From the test results, it was found that the wear amounts of Samples 1 to 3 are very small, whereas those of Samples 4 to 8 are large.

Therefore, at least the tip end 13 of the elastic member 12 is preferably formed of polyurethane with a viscosity/elasticity ratio (tan δ) of greater than or equal to 0.35 under an environment of 23° C., a loss elastic modulus of greater than or equal to 5.59 MPa under an environment of 23° C., and a rebound resilience of less than or equal to 21% under an environment of 23° C. The tip end 13 with such characteristics has high absorbency for impacts or vibration because of its low rebound resilience. In addition, the tip end 13 has a high capability of radiating thermal energy due to friction energy, which is generated upon sliding against the photoconductor drum 1, because of its high viscosity/elasticity ratio (tan δ), and thus has high wear resistance. Therefore, the service life of the cleaning blade 10 can be prolonged.

Although the present disclosure has been described by way of its preferred embodiment with reference to the drawings, one of ordinary skill in the art would understan δ that changes to the form and the details of the disclosure are possible without departing from the scope of the claimed disclosure. Such changes, alterations, and modifications should be encompassed within the scope of the present disclosure.

For example, in the foregoing embodiment, the cleaning blade is adapted to contact the outer peripheral surface of the photoconductor drum 1 to clean the photoconductor drum 1. However, the cleaning blade according to the present disclosure may contact a photoconductor belt wrapped around a plurality of rolls to clean the belt instead of the photoconductor drum 1.

Claims

1. A cleaning blade comprising a tip end adapted to contact a photoconductor member, wherein the tip end is formed of polyurethane having tan δ of greater than or equal to 0.35 under an environment of 23° C., a loss elastic modulus of greater than or equal to 5.59 MPa under an environment of 23° C., and a rebound resilience of less than or equal to 21% under an environment of 23° C.

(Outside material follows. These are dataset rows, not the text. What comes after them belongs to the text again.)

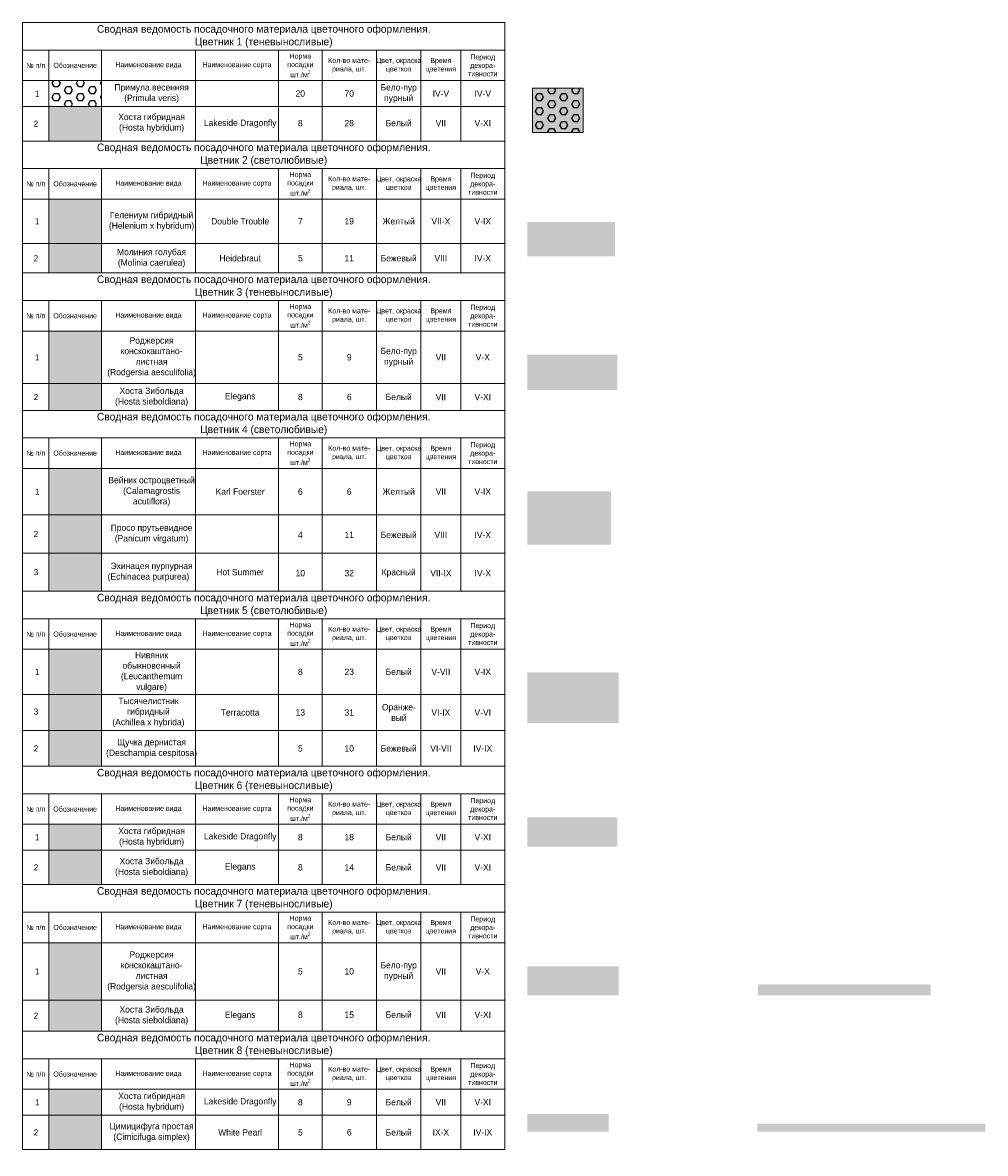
# Model space of a CAD drawing. Header units: metres. Extents: x 4385 to 11928, y 17253 to 36963.
# Tile 189 of 256: x 6730 to 7110, y 18837 to 19282. Entities that reach past the tile are written whole.
import ezdxf

# ---------------------------------------------------------------- set-up
doc = ezdxf.new("R2010")
doc.units = ezdxf.units.M
doc.layers.add('ОЗЕЛ_Ботаническая_Р$0$Озел_цветники', color=7, linetype='Continuous', lineweight=0)
doc.styles.add('ОЗЕЛ_Ботаническая_Р$0$GENERATED_STYLE_1', font='GOTHIC.TTF')
pattern_1 = [(0, (-901.1938, 72.9614), (0, 2.74963066), [1.5875, -3.175]), (120, (-901.1938, 72.9614), (-2.38125, -1.37481533), [1.5875, -3.175]), (60, (-899.6063, 72.9614), (-2.38125, 1.37481533), [1.5875, -3.175])]

# ---------------------------------------------------------------- blocks, each defined once
blk = doc.blocks.new('ОЗЕЛ_Ботаническая_Р')
h = blk.add_hatch()
h.set_pattern_fill('HEX', color=256, scale=0.5)
h.set_pattern_definition(pattern_1)
h.paths.add_polyline_path([(6761.18, 19249.33), (6761.18, 19259.5), (6740.48, 19259.5), (6740.48, 19249.33)])
h = blk.add_hatch()
h.set_pattern_fill('HEX', color=256, scale=0.5)
h.set_pattern_definition(pattern_1)
h.paths.add_polyline_path([(6931.12, 19256.6), (6931.12, 19239.1), (6951.12, 19239.1), (6951.12, 19256.6)])
at = {"true_color": 0xf8d731}
h = blk.add_hatch(color=40, dxfattribs=at)
h.dxf.hatch_style = 1
h.paths.add_polyline_path([(6740.48, 19212.82), (6740.48, 19195.26), (6761.18, 19195.26), (6761.18, 19212.82)])
h = blk.add_hatch(color=40, dxfattribs=at)
h.dxf.hatch_style = 1
h.paths.add_polyline_path([(6929.1, 19203.71), (6929.1, 19194.76), (6941.26, 19195.93), (6949.8, 19198.02), (6963.6, 19199.44), (6963.6, 19203.71)])
h = blk.add_hatch(color=62)
h.dxf.hatch_style = 1
h.paths.add_polyline_path([(6963.6, 19190.21), (6963.6, 19199.44), (6949.8, 19198.02), (6941.26, 19195.93), (6929.1, 19194.76), (6929.1, 19190.21)])
h = blk.add_hatch(color=62)
h.dxf.hatch_style = 1
h.paths.add_polyline_path([(6761.18, 19195.26), (6740.48, 19195.26), (6740.48, 19183.67), (6761.18, 19183.67)])
at = {"true_color": 0xffcf9e}
h = blk.add_hatch(color=31, dxfattribs=at)
h.dxf.hatch_style = 1
h.paths.add_polyline_path([(6740.48, 19160.79), (6740.48, 19140.03), (6761.18, 19140.03), (6761.18, 19160.79)])
h = blk.add_hatch(color=31, dxfattribs=at)
h.dxf.hatch_style = 1
h.paths.add_polyline_path([(6938.61, 19142.18), (6946.15, 19144.24), (6955.96, 19146.91), (6964.6, 19146.91), (6964.6, 19151.48), (6929.1, 19151.48), (6929.1, 19141.15)])
h = blk.add_hatch(color=133)
h.dxf.hatch_style = 1
h.paths.add_polyline_path([(6946.15, 19144.24), (6938.61, 19142.18), (6929.1, 19141.15), (6929.1, 19137.48), (6964.6, 19137.48), (6964.6, 19146.91), (6955.96, 19146.91)])
h = blk.add_hatch(color=133)
h.dxf.hatch_style = 1
h.paths.add_polyline_path([(6761.18, 19140.03), (6740.48, 19140.03), (6740.48, 19129.51), (6761.18, 19129.51)])
at = {"true_color": 0xdcd7a3}
h = blk.add_hatch(color=9, dxfattribs=at)
h.dxf.hatch_style = 1
h.paths.add_polyline_path([(6740.48, 19106.63), (6740.48, 19088.31), (6761.18, 19088.31), (6761.18, 19106.63)])
at = {"true_color": 0xc23000}
h = blk.add_hatch(color=22, dxfattribs=at)
h.dxf.hatch_style = 1
h.paths.add_polyline_path([(6936.57, 19088.5, 0.357267), (6946.63, 19087.96, -0.242973), (6962.1, 19091.29), (6962.1, 19097.52), (6929.1, 19097.52), (6929.1, 19091.84, -0.167212)])
at = {"true_color": 0x9e993d}
h = blk.add_hatch(color=55, dxfattribs=at)
h.dxf.hatch_style = 1
h.paths.add_polyline_path([(6929.1, 19076.52), (6945.6, 19076.52, -0.101323), (6952.99, 19082.18, -0.137785), (6962.1, 19084.29), (6962.1, 19091.29, 0.242973), (6946.63, 19087.96, -0.361557), (6936.48, 19088.58, 0.164744), (6929.1, 19091.84)])
h = blk.add_hatch(color=55, dxfattribs=at)
h.dxf.hatch_style = 1
h.paths.add_polyline_path([(6761.18, 19088.31), (6740.48, 19088.31), (6740.48, 19073.25), (6761.18, 19073.25)])
at = {"true_color": 0xdcd7a3}
h = blk.add_hatch(color=9, dxfattribs=at)
h.dxf.hatch_style = 1
h.paths.add_polyline_path([(6962.1, 19076.52), (6962.1, 19084.29, 0.137785), (6952.99, 19082.18, 0.101323), (6945.6, 19076.52)])
at = {"true_color": 0xc23000}
h = blk.add_hatch(color=22, dxfattribs=at)
h.dxf.hatch_style = 1
h.paths.add_polyline_path([(6761.18, 19073.25), (6740.48, 19073.25), (6740.48, 19058.18), (6761.18, 19058.18)])
at = {"true_color": 0xdfd5a9}
h = blk.add_hatch(color=9, dxfattribs=at)
h.dxf.hatch_style = 1
h.paths.add_polyline_path([(6740.48, 19035.3), (6740.48, 19017.53), (6761.18, 19017.53), (6761.18, 19035.3)])
h = blk.add_hatch(color=40)
h.dxf.hatch_style = 1
h.paths.add_polyline_path([(6940.99, 19016.89), (6936.59, 19021.85), (6936.59, 19026.19), (6929.1, 19026.19), (6929.1, 19006.19), (6935.88, 19006.19), (6939.85, 19011.79)])
h = blk.add_hatch(color=9, dxfattribs=at)
h.dxf.hatch_style = 1
h.paths.add_polyline_path([(6954.03, 19022.27), (6950.62, 19026.19), (6936.59, 19026.19), (6936.59, 19021.85), (6940.99, 19016.89), (6939.85, 19011.79), (6935.88, 19006.19), (6957.29, 19006.19), (6959.13, 19012.5), (6955.73, 19016.18)])
at = {"true_color": 0xab8854}
h = blk.add_hatch(color=45, dxfattribs=at)
h.dxf.hatch_style = 1
h.paths.add_polyline_path([(6965.1, 19026.19), (6950.62, 19026.19), (6954.03, 19022.27), (6955.73, 19016.18), (6959.13, 19012.5), (6957.29, 19006.19), (6965.1, 19006.19)])
h = blk.add_hatch(color=40)
h.dxf.hatch_style = 1
h.paths.add_polyline_path([(6761.18, 19017.53), (6740.48, 19017.53), (6740.48, 19003.25), (6761.18, 19003.25)])
h = blk.add_hatch(color=45, dxfattribs=at)
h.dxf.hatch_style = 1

2. The cleaning blade according to claim 1, wherein the polyurethane has tan δ of less than or equal to 0.50.

3. The cleaning blade according to claim 1, wherein the polyurethane has the loss elastic modulus of less than or equal to 12.10 MPa.

4. The cleaning blade according to claim 1, wherein the polyurethane has the rebound resilience of greater than or equal to 16%.

5. The cleaning blade according to claim 1, wherein trimethylolethane is used for the polyurethane as cross-linking agents.

6. The cleaning blade according to claim 1, wherein 1,3-propanediol is used for the polyurethane as chain extenders.